Using a rolling window eliminates the dependence on the start time, and we have devised incremental-decremental rolling window implementations of single and double exponential smoothing. While rolling window single exponential smoothing can be calculated along the same lines as traditional rolling window statistics (mean, variance, etc.), achieving the same for double exponential smoothing involves a novel representation of the computation as a weighted directed acyclic graph.

The weights reflect the smoothing parameters and the graph structure encodes the arithmetic operations. Adding a datapoint appends some nodes and edges to the graph, and removing a datapoint alters the initial structure of the graph. The graph structure suggests the additional state required to efficiently remove datapoints from the computation, and maintaining the state amounts to propagating some quantities through the graph. The additional state reflects how the terminal vertices change with respect to the initial structure.

**KPSS Statistic**

At the heart of many anomaly detection algorithms is a comparison between current and past values of a time series. The current period is declared anomalous when some statistic comparing these distributions is “too large.” In addition to a well-chosen statistic, this approach requires a careful selection of historical data against which to compare the present. For a stationary time series (i.e., one whose distribution does not change with time), it is natural to compare current values to recent history, whereas for time series with seasonality, it makes sense to compare against the same periods in previous seasons. Furthermore, understanding whether a series is stationary is an important step in many approaches to time series modeling.

The KPSS statistic, originally developed in econometrics for offline analysis of macroeconomic time series, tests the hypothesis that a series is stationary around a fixed level, or around a linear trend. It essentially consists of a sum of squared partial sums of residuals (from the mean, or from a regression line), appropriately normalized. The statistic can be used to guide the selection of an anomaly detection algorithm, or to evaluate whether a sequence of transformations (e.g., a seasonal differencing, or forming the ratio of two series) has produced a stationary series.
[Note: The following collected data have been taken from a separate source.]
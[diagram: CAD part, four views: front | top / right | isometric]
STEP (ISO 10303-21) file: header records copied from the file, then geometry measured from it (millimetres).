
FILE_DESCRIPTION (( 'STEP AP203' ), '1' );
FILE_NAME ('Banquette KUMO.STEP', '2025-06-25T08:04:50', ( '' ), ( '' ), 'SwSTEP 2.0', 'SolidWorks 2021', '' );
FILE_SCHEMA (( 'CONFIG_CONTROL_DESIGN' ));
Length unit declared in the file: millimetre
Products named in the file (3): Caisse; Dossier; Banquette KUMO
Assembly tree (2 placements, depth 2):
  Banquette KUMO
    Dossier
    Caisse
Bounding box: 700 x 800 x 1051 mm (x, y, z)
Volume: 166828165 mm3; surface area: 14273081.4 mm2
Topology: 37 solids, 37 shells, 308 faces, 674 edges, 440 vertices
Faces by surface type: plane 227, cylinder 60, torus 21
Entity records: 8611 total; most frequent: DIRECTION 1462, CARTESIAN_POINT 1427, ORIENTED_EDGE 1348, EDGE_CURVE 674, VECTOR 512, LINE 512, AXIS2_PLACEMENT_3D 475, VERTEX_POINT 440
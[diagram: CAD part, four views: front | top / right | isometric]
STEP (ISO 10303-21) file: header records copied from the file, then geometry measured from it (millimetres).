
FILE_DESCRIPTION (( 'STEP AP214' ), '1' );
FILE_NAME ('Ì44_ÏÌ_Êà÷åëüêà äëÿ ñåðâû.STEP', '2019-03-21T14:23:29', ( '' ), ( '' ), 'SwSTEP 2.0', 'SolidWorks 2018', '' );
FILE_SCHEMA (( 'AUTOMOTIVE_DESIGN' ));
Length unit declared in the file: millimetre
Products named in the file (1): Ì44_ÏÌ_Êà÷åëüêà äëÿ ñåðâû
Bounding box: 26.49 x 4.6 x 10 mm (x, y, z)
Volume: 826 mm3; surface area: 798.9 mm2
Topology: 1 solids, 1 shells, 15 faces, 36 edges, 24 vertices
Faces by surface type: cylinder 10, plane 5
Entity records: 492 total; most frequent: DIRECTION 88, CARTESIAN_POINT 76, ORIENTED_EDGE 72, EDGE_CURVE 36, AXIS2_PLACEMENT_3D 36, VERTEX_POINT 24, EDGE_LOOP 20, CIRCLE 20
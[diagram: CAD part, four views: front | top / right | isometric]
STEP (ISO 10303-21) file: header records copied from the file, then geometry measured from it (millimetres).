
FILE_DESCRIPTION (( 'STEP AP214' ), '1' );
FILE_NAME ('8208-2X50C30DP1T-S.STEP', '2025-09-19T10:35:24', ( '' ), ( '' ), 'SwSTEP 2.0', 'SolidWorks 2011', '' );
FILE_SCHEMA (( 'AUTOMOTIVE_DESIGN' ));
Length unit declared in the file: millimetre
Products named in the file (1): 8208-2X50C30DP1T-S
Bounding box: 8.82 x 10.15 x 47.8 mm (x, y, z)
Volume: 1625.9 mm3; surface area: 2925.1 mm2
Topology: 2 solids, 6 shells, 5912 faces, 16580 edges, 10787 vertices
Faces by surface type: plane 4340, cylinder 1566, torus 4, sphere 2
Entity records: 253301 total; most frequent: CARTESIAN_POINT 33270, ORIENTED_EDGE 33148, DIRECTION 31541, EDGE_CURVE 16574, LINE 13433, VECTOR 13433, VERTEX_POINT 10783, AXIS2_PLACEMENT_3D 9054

As a step towards streaming time series classification in the SignalFx platform, our incremental-decremental method of calculating the KPSS statistic makes it possible to perform these tasks in a fully streaming setting, and allows for an anomaly detection scheme to change dynamically with the characteristics of the time series. Expressing the KPSS statistic in terms of easily updatable pieces is accomplished by a series of delicate algebraic manipulations. Both the rolling mean and variance, for example, may be expressed as an easy-to-evaluate function of quantities which are easy to increment and decrement. In this case, by contrast, quite a few quantities must be tracked, and the update rule for one quantity may involve several of the other tracked quantities. For example, if we are maintaining the quantity x_{1} + 2 * x_{2} + … + n * x_{n} on the window {x_{1}, x_{2}, …, x_{n}}, then the rule for decrementing (removing x_{1} and re-indexing) involves the difference

##### (x_{1} + 2 * x_{2} + … + n * x_{n}) – (x_{2} + 2 * x_{3} + … + (n-1) * x_{n}) = x_{1} + x_{2} + … + x_{n},

which is itself the sum of the points in the window, before x_{1} has been removed. In general, the order in which the updates are performed matters, and a sort of hierarchy among the tracked quantities emerges. Along the way, we obtain an incremental-decremental form of linear regression of a time series against intercept and trend terms, which by itself can be used to form forecasts.

Incremental-decremental implementations of double exponential smoothing and the KPSS statistic expand the range of anomaly detection, forecasting, and time series classification that can be accomplished in a high-performance streaming environment.